Write the following entries out again exactly, skipping each image.

Start of Block

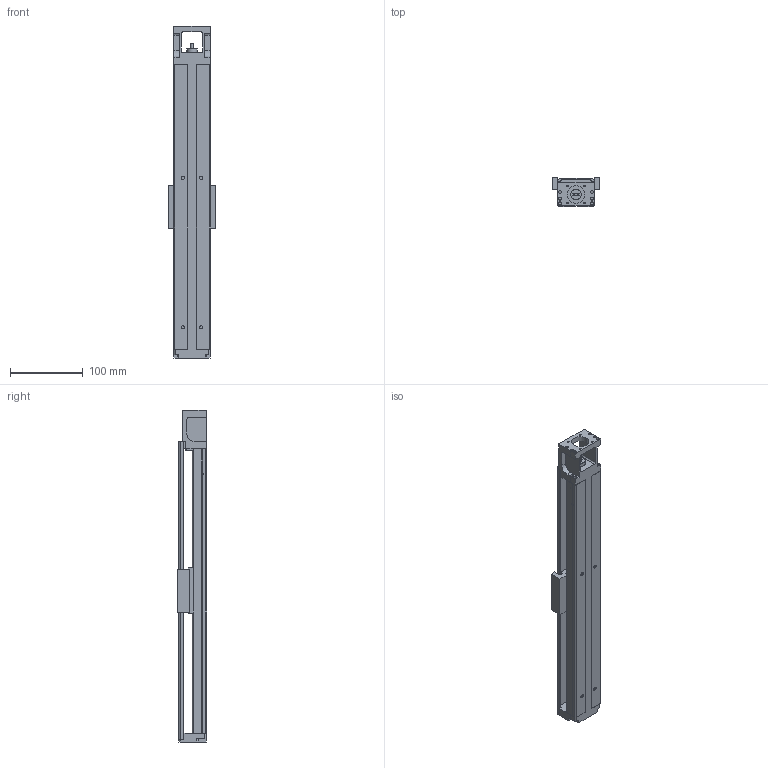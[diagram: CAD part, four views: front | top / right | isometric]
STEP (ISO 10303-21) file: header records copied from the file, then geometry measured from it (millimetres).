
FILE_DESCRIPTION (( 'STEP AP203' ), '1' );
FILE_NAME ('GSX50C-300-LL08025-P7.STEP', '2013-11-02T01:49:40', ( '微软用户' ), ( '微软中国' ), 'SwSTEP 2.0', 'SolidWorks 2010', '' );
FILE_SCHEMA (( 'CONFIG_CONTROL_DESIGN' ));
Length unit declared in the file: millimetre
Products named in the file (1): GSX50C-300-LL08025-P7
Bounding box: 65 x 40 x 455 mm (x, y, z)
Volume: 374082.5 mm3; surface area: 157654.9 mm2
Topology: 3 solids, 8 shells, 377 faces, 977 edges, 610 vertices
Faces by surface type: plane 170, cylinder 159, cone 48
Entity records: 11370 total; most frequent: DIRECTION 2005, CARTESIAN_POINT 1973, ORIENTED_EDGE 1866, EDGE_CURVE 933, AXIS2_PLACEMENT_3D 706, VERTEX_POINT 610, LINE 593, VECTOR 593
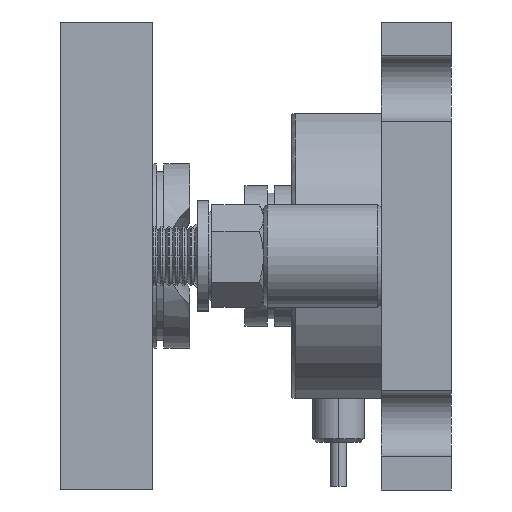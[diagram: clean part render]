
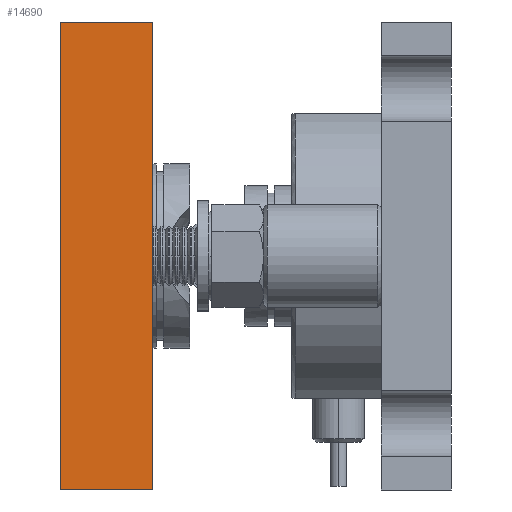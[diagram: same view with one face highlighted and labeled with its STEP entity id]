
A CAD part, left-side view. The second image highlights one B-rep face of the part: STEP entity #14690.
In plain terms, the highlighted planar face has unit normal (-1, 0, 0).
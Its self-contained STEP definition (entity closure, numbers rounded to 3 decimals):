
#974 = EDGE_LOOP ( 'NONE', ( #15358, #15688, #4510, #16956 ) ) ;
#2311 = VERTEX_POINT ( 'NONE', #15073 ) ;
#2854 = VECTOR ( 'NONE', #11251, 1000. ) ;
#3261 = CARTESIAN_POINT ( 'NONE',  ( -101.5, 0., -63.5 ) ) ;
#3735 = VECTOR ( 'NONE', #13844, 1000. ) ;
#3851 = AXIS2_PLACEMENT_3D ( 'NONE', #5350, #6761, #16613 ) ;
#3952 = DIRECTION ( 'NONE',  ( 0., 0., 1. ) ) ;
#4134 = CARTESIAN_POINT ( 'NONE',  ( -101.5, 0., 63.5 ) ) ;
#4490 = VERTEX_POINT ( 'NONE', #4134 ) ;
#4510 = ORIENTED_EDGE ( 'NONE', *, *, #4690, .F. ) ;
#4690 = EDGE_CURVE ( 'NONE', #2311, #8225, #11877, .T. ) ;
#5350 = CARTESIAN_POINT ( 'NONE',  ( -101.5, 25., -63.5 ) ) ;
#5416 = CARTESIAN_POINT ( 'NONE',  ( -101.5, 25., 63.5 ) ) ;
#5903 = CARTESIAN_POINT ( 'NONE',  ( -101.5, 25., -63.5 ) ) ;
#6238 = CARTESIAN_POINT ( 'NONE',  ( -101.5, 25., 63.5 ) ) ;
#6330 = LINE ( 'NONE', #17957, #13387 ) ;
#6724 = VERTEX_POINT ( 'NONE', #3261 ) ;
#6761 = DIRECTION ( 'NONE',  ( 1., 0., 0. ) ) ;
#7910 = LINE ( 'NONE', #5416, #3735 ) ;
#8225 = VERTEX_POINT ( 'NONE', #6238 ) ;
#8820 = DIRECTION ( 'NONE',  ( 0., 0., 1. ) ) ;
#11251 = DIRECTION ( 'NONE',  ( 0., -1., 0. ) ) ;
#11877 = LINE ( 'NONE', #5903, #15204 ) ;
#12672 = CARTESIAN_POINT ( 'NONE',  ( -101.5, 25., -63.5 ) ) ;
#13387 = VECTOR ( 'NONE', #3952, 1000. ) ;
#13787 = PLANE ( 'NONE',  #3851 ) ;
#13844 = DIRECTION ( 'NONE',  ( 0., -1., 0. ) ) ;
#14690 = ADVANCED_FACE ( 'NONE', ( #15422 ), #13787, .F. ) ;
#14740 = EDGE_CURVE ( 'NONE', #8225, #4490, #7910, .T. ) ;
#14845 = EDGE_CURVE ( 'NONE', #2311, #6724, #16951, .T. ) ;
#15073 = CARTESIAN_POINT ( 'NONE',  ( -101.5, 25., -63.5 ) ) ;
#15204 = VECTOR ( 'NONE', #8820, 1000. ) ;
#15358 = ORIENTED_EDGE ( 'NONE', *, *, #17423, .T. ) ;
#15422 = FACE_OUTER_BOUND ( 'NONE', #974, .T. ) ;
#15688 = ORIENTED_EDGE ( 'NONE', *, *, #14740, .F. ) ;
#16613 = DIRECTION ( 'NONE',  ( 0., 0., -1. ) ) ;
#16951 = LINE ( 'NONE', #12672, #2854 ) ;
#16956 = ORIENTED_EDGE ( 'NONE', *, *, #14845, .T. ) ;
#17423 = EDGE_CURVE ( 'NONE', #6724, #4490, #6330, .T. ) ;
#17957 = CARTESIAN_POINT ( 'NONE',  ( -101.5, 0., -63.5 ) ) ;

End of Block

# Expected answer
[diagram: CAD part, four views: front | top / right | isometric]
STEP (ISO 10303-21) file: header records copied from the file, then geometry measured from it (millimetres).
FILE_DESCRIPTION (( 'STEP AP203' ), '1' );
FILE_NAME ('GSX50C-300-LL08025-P7.STEP', '2013-11-02T01:49:40', ( '微软用户' ), ( '微软中国' ), 'SwSTEP 2.0', 'SolidWorks 2010', '' );
FILE_SCHEMA (( 'CONFIG_CONTROL_DESIGN' ));
Length unit declared in the file: millimetre
Products named in the file (1): GSX50C-300-LL08025-P7
Bounding box: 65 x 40 x 455 mm (x, y, z)
Volume: 374082.5 mm3; surface area: 157654.9 mm2
Topology: 3 solids, 8 shells, 377 faces, 977 edges, 610 vertices
Faces by surface type: plane 170, cylinder 159, cone 48
Entity records: 11370 total; most frequent: DIRECTION 2005, CARTESIAN_POINT 1973, ORIENTED_EDGE 1866, EDGE_CURVE 933, AXIS2_PLACEMENT_3D 706, VERTEX_POINT 610, LINE 593, VECTOR 593
[diagram: clean part render]
[diagram: same view with one face highlighted and labeled with its STEP entity id]
A CAD part, left-side view. The second image highlights one B-rep face of the part: STEP entity #14690.
In plain terms, the highlighted planar face has unit normal (-1, 0, 0).
Its self-contained STEP definition (entity closure, numbers rounded to 3 decimals):
#974 = EDGE_LOOP ( 'NONE', ( #15358, #15688, #4510, #16956 ) ) ;
#2311 = VERTEX_POINT ( 'NONE', #15073 ) ;
#2854 = VECTOR ( 'NONE', #11251, 1000. ) ;
#3261 = CARTESIAN_POINT ( 'NONE',  ( -101.5, 0., -63.5 ) ) ;
#3735 = VECTOR ( 'NONE', #13844, 1000. ) ;
#3851 = AXIS2_PLACEMENT_3D ( 'NONE', #5350, #6761, #16613 ) ;
#3952 = DIRECTION ( 'NONE',  ( 0., 0., 1. ) ) ;
#4134 = CARTESIAN_POINT ( 'NONE',  ( -101.5, 0., 63.5 ) ) ;
#4490 = VERTEX_POINT ( 'NONE', #4134 ) ;
#4510 = ORIENTED_EDGE ( 'NONE', *, *, #4690, .F. ) ;
#4690 = EDGE_CURVE ( 'NONE', #2311, #8225, #11877, .T. ) ;
#5350 = CARTESIAN_POINT ( 'NONE',  ( -101.5, 25., -63.5 ) ) ;
#5416 = CARTESIAN_POINT ( 'NONE',  ( -101.5, 25., 63.5 ) ) ;
#5903 = CARTESIAN_POINT ( 'NONE',  ( -101.5, 25., -63.5 ) ) ;
#6238 = CARTESIAN_POINT ( 'NONE',  ( -101.5, 25., 63.5 ) ) ;
#6330 = LINE ( 'NONE', #17957, #13387 ) ;
#6724 = VERTEX_POINT ( 'NONE', #3261 ) ;
#6761 = DIRECTION ( 'NONE',  ( 1., 0., 0. ) ) ;
#7910 = LINE ( 'NONE', #5416, #3735 ) ;
#8225 = VERTEX_POINT ( 'NONE', #6238 ) ;
#8820 = DIRECTION ( 'NONE',  ( 0., 0., 1. ) ) ;
#11251 = DIRECTION ( 'NONE',  ( 0., -1., 0. ) ) ;
#11877 = LINE ( 'NONE', #5903, #15204 ) ;
#12672 = CARTESIAN_POINT ( 'NONE',  ( -101.5, 25., -63.5 ) ) ;
#13387 = VECTOR ( 'NONE', #3952, 1000. ) ;
#13787 = PLANE ( 'NONE',  #3851 ) ;
#13844 = DIRECTION ( 'NONE',  ( 0., -1., 0. ) ) ;
#14690 = ADVANCED_FACE ( 'NONE', ( #15422 ), #13787, .F. ) ;
#14740 = EDGE_CURVE ( 'NONE', #8225, #4490, #7910, .T. ) ;
#14845 = EDGE_CURVE ( 'NONE', #2311, #6724, #16951, .T. ) ;
#15073 = CARTESIAN_POINT ( 'NONE',  ( -101.5, 25., -63.5 ) ) ;
#15204 = VECTOR ( 'NONE', #8820, 1000. ) ;
#15358 = ORIENTED_EDGE ( 'NONE', *, *, #17423, .T. ) ;
#15422 = FACE_OUTER_BOUND ( 'NONE', #974, .T. ) ;
#15688 = ORIENTED_EDGE ( 'NONE', *, *, #14740, .F. ) ;
#16613 = DIRECTION ( 'NONE',  ( 0., 0., -1. ) ) ;
#16951 = LINE ( 'NONE', #12672, #2854 ) ;
#16956 = ORIENTED_EDGE ( 'NONE', *, *, #14845, .T. ) ;
#17423 = EDGE_CURVE ( 'NONE', #6724, #4490, #6330, .T. ) ;
#17957 = CARTESIAN_POINT ( 'NONE',  ( -101.5, 0., -63.5 ) ) ;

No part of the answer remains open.